(Extracted data Opens)

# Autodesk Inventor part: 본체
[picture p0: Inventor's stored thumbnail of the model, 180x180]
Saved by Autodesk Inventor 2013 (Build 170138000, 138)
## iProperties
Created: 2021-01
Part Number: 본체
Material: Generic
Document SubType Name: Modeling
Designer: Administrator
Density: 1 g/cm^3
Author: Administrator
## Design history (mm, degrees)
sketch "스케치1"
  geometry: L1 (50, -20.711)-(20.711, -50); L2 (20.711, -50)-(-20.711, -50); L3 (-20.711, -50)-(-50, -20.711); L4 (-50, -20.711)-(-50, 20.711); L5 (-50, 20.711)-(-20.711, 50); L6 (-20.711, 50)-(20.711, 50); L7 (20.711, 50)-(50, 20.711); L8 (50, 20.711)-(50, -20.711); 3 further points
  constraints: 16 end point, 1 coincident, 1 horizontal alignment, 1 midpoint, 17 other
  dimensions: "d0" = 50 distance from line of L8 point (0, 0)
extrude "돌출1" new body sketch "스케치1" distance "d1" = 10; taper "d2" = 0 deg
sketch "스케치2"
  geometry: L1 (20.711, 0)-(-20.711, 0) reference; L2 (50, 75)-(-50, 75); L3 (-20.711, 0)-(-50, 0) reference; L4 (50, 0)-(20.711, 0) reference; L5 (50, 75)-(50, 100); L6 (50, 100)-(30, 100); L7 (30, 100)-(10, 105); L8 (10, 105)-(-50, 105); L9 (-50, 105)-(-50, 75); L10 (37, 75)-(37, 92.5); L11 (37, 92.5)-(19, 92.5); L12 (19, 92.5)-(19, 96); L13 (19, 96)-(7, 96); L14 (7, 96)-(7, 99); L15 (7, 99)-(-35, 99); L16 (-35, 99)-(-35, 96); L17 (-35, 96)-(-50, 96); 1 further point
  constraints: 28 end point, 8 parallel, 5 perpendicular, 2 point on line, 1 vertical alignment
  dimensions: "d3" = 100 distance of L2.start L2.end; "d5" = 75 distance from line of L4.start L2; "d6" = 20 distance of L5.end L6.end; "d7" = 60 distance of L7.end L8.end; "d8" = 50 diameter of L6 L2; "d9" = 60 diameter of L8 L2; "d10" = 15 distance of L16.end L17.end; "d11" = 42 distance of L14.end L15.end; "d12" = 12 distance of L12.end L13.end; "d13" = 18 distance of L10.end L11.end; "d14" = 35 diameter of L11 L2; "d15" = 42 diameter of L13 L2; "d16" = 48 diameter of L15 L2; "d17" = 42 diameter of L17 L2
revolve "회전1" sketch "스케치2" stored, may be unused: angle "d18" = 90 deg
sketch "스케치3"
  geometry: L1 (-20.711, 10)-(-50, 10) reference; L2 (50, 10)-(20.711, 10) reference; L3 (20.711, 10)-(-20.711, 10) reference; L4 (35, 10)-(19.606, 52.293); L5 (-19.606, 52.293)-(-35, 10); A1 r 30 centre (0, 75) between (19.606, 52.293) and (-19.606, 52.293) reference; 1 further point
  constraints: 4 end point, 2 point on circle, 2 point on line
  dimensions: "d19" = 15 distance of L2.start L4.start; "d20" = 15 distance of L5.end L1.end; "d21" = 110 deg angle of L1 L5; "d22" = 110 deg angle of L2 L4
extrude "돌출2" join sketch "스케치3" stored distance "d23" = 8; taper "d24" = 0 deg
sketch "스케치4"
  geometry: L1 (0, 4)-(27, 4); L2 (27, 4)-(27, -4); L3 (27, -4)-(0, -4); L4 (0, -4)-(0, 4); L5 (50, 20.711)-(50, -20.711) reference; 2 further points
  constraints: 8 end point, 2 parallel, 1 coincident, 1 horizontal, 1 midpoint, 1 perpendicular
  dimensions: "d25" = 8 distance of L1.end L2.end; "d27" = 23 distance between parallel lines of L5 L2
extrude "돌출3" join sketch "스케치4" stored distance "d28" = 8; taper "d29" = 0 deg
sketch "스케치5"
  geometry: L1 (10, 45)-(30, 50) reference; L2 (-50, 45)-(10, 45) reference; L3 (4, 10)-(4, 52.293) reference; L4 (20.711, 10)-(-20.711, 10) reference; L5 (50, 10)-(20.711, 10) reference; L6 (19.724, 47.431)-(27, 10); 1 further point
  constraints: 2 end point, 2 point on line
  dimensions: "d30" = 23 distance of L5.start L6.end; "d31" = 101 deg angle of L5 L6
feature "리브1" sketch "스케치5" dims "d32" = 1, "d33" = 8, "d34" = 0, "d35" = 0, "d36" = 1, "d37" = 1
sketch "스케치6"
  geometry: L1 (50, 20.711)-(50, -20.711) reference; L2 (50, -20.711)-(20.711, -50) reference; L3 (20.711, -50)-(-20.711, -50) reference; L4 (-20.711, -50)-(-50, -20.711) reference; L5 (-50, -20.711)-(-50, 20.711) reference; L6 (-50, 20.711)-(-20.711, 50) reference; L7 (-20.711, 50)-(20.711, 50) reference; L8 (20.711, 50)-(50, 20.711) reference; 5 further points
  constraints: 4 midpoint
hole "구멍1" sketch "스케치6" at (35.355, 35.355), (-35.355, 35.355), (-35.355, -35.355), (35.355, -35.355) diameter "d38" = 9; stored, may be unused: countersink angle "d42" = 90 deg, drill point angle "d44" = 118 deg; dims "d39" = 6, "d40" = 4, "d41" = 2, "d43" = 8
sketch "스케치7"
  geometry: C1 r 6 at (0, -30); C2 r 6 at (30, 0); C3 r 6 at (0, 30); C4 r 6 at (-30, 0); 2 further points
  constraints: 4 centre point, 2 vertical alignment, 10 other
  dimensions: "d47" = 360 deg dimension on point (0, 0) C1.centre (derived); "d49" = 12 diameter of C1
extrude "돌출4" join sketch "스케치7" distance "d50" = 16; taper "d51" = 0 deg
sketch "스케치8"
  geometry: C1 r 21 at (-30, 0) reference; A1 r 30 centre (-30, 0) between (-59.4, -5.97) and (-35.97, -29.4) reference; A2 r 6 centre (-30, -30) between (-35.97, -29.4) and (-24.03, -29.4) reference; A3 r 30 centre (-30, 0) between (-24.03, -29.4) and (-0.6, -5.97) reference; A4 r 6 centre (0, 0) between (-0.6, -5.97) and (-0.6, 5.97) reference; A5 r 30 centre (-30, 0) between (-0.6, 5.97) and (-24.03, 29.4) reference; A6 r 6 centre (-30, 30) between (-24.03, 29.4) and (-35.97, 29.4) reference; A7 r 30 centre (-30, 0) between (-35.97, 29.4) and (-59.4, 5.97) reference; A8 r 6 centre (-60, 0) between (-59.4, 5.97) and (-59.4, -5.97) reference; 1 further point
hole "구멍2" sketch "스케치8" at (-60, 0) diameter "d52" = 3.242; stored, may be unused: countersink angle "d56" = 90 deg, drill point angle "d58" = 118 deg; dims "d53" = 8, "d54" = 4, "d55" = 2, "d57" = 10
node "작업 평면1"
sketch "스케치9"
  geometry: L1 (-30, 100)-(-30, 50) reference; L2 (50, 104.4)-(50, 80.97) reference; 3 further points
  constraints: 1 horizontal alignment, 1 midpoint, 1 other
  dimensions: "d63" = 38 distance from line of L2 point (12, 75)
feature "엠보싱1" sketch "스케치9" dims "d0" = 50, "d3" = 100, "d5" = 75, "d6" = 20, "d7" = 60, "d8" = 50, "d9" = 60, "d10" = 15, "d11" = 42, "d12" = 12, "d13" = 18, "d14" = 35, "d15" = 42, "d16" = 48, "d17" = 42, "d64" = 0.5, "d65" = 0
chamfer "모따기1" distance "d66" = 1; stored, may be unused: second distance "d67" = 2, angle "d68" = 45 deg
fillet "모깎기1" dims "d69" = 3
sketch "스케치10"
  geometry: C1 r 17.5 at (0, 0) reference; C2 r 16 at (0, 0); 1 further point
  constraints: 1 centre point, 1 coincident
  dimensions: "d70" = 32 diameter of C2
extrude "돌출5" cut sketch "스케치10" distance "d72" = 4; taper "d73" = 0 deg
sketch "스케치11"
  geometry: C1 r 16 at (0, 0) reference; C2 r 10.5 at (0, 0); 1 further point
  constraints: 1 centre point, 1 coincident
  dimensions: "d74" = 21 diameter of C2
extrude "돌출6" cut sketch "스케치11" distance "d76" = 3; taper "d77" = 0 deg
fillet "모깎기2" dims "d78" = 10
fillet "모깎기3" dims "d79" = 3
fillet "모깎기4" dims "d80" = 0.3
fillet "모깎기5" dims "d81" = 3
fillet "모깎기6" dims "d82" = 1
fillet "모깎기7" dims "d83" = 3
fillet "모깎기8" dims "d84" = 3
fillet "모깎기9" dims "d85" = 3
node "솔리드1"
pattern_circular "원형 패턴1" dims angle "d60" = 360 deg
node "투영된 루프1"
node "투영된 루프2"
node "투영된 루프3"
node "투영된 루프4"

(Extracted data Closes)

▸ Work required: Among the records above, find each line containing the string "midpoint" and copy it.

▸ Exercise result:
  constraints: 16 end point, 1 coincident, 1 horizontal alignment, 1 midpoint, 17 other
  constraints: 8 end point, 2 parallel, 1 coincident, 1 horizontal, 1 midpoint, 1 perpendicular
  constraints: 4 midpoint
  constraints: 1 horizontal alignment, 1 midpoint, 1 other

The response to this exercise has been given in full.